| Dataset entries |

*** Block opens ***

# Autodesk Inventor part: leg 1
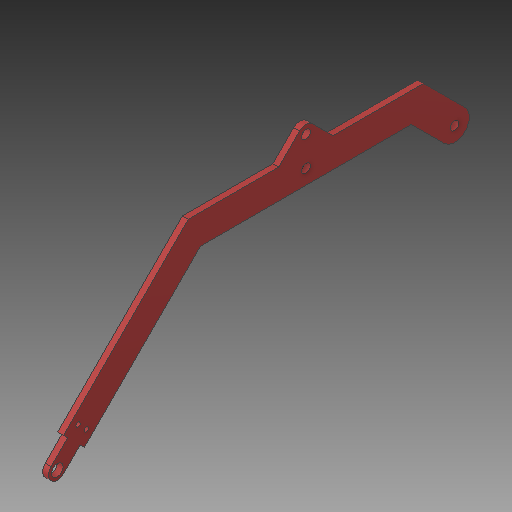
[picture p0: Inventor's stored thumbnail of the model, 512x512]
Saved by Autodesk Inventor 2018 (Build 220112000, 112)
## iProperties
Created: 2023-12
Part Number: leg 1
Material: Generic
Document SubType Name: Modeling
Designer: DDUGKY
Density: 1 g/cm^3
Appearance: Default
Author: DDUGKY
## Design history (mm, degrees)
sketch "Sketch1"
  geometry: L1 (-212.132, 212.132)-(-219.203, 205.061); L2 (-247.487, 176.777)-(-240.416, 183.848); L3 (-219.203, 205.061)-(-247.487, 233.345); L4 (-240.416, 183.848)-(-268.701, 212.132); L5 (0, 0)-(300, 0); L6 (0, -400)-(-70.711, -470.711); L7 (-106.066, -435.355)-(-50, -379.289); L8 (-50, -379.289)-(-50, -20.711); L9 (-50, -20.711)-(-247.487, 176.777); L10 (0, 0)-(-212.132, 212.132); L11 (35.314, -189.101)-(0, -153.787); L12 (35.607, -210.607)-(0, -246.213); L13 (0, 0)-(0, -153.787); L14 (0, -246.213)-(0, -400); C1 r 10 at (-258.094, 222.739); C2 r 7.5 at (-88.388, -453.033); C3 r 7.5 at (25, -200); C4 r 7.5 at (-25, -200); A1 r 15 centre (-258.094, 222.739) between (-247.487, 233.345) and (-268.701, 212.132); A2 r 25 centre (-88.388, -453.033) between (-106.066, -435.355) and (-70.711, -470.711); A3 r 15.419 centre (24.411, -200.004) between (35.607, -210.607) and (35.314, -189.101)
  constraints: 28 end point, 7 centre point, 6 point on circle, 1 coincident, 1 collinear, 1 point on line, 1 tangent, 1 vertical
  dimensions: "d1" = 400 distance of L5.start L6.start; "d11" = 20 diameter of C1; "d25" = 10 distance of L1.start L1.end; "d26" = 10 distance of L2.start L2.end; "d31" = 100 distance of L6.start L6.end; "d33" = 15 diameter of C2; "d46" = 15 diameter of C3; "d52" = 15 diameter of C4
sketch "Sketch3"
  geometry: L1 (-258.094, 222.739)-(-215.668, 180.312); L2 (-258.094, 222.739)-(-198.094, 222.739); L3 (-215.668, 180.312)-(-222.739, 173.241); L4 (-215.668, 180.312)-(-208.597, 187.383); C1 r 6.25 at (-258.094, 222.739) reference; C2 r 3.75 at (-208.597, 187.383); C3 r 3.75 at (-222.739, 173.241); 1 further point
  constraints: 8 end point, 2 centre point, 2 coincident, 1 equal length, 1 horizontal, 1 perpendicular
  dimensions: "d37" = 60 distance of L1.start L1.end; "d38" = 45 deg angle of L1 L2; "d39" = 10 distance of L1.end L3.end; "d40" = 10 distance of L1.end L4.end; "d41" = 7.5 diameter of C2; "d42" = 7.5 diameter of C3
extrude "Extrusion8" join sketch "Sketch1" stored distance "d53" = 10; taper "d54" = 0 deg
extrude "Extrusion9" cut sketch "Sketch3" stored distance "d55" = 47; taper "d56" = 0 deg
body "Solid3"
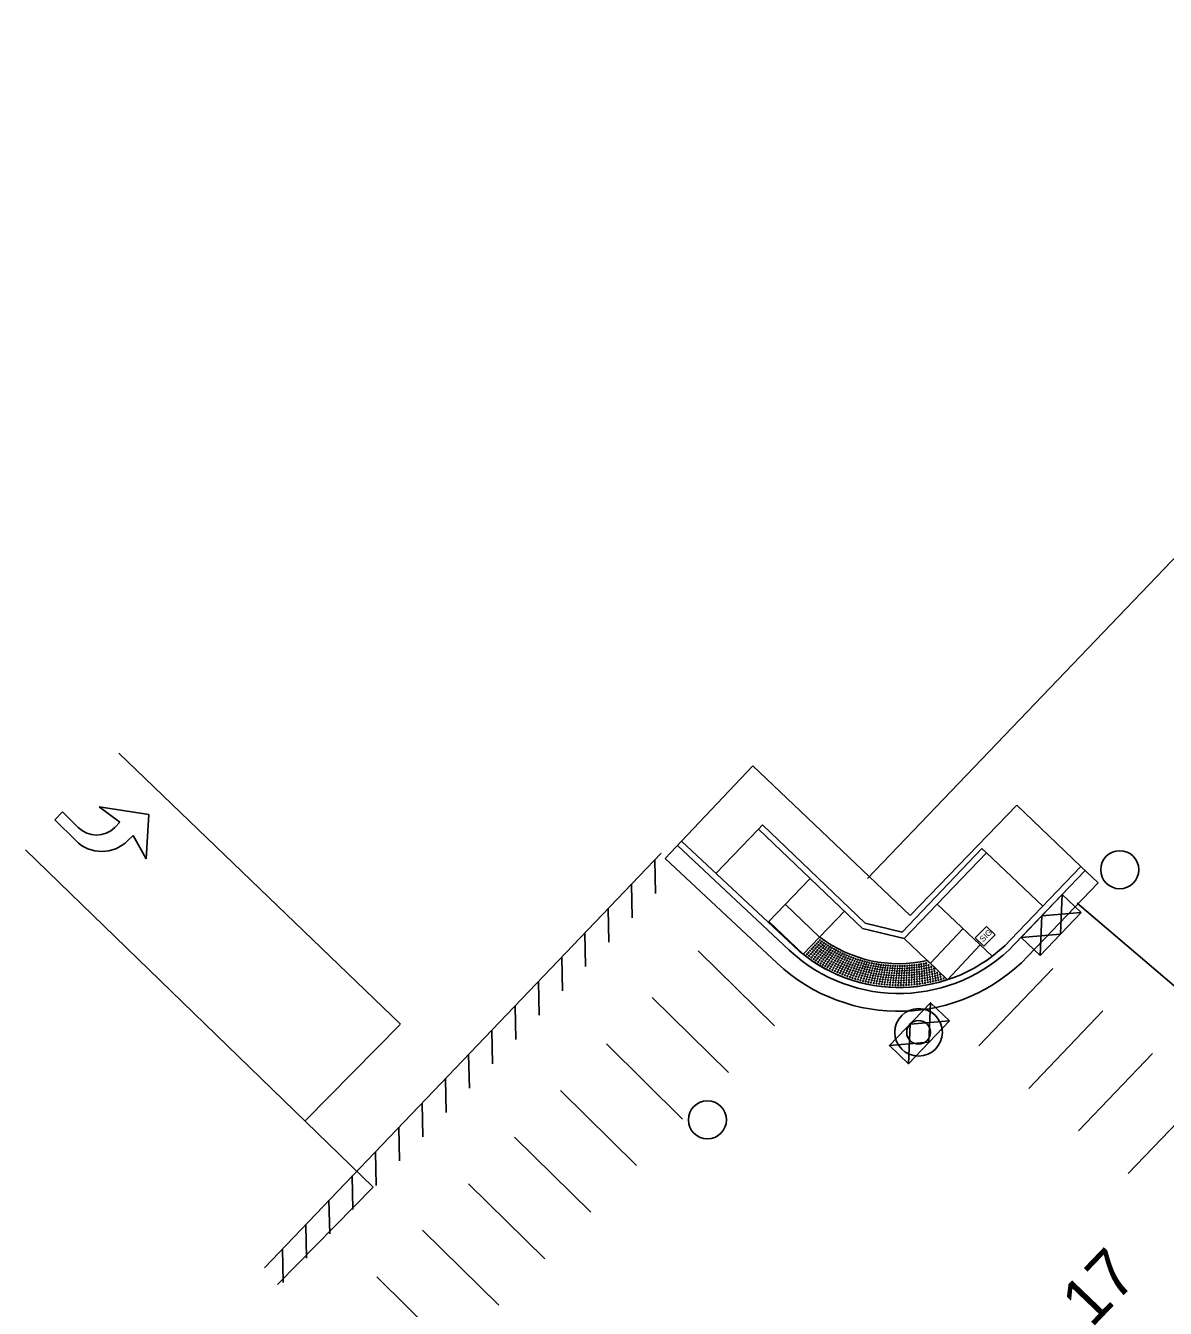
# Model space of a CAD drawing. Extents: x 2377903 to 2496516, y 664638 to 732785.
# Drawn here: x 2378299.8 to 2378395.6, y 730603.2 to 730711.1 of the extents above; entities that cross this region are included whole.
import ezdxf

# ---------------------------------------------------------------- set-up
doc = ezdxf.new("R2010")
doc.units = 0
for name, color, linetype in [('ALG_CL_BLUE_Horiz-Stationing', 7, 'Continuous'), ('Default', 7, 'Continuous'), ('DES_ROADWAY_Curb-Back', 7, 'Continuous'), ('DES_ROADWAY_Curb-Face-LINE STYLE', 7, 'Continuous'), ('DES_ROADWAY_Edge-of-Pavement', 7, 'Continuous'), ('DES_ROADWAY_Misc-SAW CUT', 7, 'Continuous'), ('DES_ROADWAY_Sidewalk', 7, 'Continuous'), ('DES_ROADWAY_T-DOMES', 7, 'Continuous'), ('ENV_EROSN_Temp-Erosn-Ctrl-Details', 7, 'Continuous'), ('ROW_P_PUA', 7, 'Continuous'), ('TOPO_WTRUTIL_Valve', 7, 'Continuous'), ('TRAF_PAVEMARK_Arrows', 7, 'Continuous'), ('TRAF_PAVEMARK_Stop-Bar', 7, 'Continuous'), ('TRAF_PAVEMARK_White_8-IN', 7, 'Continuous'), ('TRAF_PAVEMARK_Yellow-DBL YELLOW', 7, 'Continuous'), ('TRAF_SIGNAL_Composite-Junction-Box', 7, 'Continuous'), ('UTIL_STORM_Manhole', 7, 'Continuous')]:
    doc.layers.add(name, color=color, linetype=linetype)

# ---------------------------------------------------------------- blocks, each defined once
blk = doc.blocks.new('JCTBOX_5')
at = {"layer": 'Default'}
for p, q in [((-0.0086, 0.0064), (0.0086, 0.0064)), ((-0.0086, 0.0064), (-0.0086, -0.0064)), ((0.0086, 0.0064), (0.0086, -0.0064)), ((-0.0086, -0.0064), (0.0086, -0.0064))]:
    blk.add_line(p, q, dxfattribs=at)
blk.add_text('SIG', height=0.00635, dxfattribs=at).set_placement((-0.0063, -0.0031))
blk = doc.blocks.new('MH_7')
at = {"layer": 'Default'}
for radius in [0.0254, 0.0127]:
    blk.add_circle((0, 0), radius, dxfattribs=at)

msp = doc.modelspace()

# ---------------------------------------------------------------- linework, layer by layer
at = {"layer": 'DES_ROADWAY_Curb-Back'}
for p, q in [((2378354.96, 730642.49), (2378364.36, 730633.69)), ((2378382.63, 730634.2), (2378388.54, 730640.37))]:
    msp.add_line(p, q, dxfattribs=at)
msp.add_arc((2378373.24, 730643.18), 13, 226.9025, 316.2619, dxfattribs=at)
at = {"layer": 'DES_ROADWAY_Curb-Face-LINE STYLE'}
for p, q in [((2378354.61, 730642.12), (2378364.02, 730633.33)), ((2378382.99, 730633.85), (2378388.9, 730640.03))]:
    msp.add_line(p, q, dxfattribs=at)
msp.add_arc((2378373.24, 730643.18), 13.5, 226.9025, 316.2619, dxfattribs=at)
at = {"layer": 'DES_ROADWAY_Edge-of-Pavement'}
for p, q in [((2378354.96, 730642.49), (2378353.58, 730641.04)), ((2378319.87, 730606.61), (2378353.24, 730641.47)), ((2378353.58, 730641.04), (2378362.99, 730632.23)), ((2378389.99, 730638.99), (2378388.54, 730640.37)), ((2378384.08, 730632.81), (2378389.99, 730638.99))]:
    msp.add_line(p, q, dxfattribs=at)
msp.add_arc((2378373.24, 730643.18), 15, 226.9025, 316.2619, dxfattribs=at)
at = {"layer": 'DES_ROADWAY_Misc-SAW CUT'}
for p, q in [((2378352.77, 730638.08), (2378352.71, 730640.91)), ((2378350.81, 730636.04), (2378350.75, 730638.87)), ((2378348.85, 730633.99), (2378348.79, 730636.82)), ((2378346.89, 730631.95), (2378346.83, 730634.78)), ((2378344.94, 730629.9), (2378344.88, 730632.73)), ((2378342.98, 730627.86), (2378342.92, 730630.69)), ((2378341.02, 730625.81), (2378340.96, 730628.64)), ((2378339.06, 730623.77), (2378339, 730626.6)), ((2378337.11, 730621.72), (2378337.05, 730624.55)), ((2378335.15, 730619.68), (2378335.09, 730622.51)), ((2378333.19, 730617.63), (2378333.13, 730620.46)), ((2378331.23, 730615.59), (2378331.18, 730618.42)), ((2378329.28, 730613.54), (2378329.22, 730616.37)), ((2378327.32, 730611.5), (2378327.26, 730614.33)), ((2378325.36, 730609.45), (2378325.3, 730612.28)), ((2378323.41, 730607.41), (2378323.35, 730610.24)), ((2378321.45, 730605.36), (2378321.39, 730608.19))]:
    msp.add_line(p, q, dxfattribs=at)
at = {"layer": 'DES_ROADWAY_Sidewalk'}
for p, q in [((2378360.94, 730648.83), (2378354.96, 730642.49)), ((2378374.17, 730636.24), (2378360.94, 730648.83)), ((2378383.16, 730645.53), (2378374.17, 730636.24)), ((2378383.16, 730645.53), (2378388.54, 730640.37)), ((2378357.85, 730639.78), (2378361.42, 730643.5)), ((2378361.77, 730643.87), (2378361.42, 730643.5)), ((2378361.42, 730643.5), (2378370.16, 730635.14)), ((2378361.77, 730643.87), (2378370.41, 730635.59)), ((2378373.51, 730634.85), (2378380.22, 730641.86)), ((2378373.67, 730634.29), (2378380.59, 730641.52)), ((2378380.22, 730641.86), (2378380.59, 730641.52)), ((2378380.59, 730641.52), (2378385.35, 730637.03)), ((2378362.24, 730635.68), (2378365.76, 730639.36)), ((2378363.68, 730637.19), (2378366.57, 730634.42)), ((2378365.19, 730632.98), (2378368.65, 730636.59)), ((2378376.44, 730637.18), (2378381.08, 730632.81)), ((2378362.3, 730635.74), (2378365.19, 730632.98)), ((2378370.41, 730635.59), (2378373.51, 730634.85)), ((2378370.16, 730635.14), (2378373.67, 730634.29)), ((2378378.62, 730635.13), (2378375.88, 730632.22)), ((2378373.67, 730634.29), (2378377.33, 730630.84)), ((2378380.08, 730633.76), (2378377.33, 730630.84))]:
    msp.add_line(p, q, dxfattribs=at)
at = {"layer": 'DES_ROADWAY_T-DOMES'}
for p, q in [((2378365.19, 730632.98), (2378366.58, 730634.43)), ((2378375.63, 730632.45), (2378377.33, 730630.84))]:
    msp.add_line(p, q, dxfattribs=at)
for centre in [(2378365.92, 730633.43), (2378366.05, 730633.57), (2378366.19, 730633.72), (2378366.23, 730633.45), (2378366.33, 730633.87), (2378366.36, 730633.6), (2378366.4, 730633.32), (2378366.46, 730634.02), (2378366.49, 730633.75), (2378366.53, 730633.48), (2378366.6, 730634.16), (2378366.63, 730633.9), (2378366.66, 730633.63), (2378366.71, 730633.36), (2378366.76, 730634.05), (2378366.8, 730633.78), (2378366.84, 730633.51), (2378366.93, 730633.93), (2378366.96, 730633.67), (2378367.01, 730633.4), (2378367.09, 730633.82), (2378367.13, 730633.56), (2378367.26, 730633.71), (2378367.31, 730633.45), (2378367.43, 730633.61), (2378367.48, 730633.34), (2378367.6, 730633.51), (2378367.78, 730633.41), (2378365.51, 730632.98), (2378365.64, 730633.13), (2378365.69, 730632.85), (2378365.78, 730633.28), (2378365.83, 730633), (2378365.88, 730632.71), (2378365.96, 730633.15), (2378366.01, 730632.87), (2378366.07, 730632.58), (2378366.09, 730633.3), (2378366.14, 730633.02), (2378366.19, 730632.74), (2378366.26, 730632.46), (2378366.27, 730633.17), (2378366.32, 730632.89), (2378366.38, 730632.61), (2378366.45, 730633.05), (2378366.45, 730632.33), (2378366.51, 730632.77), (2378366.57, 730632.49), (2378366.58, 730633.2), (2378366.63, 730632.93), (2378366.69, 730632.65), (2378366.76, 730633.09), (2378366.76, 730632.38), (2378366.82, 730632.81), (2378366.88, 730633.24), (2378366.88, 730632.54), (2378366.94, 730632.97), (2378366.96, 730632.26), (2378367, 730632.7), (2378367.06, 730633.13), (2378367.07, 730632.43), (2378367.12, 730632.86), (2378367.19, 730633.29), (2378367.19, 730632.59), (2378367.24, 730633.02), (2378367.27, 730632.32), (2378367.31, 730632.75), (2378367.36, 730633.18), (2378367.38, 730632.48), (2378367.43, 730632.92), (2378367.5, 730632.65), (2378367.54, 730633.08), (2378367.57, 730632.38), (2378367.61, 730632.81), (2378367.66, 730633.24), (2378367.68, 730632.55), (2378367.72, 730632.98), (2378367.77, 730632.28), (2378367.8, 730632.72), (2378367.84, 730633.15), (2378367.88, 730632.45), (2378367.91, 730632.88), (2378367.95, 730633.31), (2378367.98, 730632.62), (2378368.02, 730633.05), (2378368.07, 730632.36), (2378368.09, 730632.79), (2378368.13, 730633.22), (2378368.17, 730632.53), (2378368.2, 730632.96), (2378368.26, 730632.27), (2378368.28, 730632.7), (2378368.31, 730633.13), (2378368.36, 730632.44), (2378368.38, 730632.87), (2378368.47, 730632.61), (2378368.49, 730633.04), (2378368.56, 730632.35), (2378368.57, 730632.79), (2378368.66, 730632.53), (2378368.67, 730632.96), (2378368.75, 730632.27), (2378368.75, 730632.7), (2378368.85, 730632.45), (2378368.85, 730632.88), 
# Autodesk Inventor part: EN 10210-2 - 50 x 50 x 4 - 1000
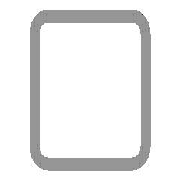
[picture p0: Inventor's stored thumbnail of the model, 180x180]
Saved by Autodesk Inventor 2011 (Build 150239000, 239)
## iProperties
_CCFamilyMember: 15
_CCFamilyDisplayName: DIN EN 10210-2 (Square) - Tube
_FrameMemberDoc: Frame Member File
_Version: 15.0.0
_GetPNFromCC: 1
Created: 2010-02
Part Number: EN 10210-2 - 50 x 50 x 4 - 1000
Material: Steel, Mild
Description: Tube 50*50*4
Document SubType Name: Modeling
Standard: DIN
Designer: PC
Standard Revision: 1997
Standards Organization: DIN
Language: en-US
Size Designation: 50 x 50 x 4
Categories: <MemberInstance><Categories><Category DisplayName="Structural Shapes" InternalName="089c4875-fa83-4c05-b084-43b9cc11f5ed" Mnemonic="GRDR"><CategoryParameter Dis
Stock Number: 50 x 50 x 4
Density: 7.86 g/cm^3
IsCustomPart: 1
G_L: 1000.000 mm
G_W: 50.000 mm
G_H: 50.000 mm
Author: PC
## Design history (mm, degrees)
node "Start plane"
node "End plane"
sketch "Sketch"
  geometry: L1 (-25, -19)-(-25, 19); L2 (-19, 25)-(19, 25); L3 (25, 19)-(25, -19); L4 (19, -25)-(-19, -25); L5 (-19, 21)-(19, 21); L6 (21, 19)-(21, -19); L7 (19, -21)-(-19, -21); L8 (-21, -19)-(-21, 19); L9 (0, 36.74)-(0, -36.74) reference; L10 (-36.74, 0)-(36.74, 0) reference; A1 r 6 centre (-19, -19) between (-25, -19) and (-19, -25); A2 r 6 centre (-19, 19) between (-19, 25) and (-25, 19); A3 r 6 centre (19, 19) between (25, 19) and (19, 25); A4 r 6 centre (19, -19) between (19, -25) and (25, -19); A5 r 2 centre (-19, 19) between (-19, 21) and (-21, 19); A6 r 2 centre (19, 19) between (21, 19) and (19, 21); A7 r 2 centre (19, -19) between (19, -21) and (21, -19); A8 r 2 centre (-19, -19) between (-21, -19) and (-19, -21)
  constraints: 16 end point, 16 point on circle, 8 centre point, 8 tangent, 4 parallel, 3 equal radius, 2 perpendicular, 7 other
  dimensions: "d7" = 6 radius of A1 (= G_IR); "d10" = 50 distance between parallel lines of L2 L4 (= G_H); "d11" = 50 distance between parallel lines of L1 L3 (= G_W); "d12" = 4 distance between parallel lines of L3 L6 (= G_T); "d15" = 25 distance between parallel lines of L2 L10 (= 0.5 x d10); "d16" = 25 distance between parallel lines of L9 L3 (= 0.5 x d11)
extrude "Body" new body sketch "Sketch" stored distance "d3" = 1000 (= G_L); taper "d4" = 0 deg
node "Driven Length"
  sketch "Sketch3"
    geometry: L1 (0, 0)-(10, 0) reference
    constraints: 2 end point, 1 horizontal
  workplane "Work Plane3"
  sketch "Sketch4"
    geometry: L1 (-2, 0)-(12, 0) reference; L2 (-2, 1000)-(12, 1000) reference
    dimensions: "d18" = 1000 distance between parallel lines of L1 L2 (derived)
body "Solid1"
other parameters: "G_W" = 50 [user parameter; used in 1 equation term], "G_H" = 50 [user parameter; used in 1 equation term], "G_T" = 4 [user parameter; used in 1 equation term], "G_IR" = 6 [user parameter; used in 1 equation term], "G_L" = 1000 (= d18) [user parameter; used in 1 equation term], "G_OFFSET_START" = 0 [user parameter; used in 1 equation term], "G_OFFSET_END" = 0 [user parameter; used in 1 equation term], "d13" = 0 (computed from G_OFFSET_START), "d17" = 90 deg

*** Block closes ***

| REQUIRED WORK |
Among the entries above, find the line with "constraints: 8 end" and repeat exactly from there through the line with "msp = doc.modelspace()", leaving out the pictures.

| EXERCISE ANSWER |
  constraints: 8 end point, 2 centre point, 2 coincident, 1 equal length, 1 horizontal, 1 perpendicular
  dimensions: "d37" = 60 distance of L1.start L1.end; "d38" = 45 deg angle of L1 L2; "d39" = 10 distance of L1.end L3.end; "d40" = 10 distance of L1.end L4.end; "d41" = 7.5 diameter of C2; "d42" = 7.5 diameter of C3
extrude "Extrusion8" join sketch "Sketch1" stored distance "d53" = 10; taper "d54" = 0 deg
extrude "Extrusion9" cut sketch "Sketch3" stored distance "d55" = 47; taper "d56" = 0 deg
body "Solid3"
# Model space of a CAD drawing. Extents: x 2377903 to 2496516, y 664638 to 732785.
# Drawn here: x 2378299.8 to 2378395.6, y 730603.2 to 730711.1 of the extents above; entities that cross this region are included whole.
import ezdxf

# ---------------------------------------------------------------- set-up
doc = ezdxf.new("R2010")
doc.units = 0
for name, color, linetype in [('ALG_CL_BLUE_Horiz-Stationing', 7, 'Continuous'), ('Default', 7, 'Continuous'), ('DES_ROADWAY_Curb-Back', 7, 'Continuous'), ('DES_ROADWAY_Curb-Face-LINE STYLE', 7, 'Continuous'), ('DES_ROADWAY_Edge-of-Pavement', 7, 'Continuous'), ('DES_ROADWAY_Misc-SAW CUT', 7, 'Continuous'), ('DES_ROADWAY_Sidewalk', 7, 'Continuous'), ('DES_ROADWAY_T-DOMES', 7, 'Continuous'), ('ENV_EROSN_Temp-Erosn-Ctrl-Details', 7, 'Continuous'), ('ROW_P_PUA', 7, 'Continuous'), ('TOPO_WTRUTIL_Valve', 7, 'Continuous'), ('TRAF_PAVEMARK_Arrows', 7, 'Continuous'), ('TRAF_PAVEMARK_Stop-Bar', 7, 'Continuous'), ('TRAF_PAVEMARK_White_8-IN', 7, 'Continuous'), ('TRAF_PAVEMARK_Yellow-DBL YELLOW', 7, 'Continuous'), ('TRAF_SIGNAL_Composite-Junction-Box', 7, 'Continuous'), ('UTIL_STORM_Manhole', 7, 'Continuous')]:
    doc.layers.add(name, color=color, linetype=linetype)

# ---------------------------------------------------------------- blocks, each defined once
blk = doc.blocks.new('JCTBOX_5')
at = {"layer": 'Default'}
for p, q in [((-0.0086, 0.0064), (0.0086, 0.0064)), ((-0.0086, 0.0064), (-0.0086, -0.0064)), ((0.0086, 0.0064), (0.0086, -0.0064)), ((-0.0086, -0.0064), (0.0086, -0.0064))]:
    blk.add_line(p, q, dxfattribs=at)
blk.add_text('SIG', height=0.00635, dxfattribs=at).set_placement((-0.0063, -0.0031))
blk = doc.blocks.new('MH_7')
at = {"layer": 'Default'}
for radius in [0.0254, 0.0127]:
    blk.add_circle((0, 0), radius, dxfattribs=at)

msp = doc.modelspace()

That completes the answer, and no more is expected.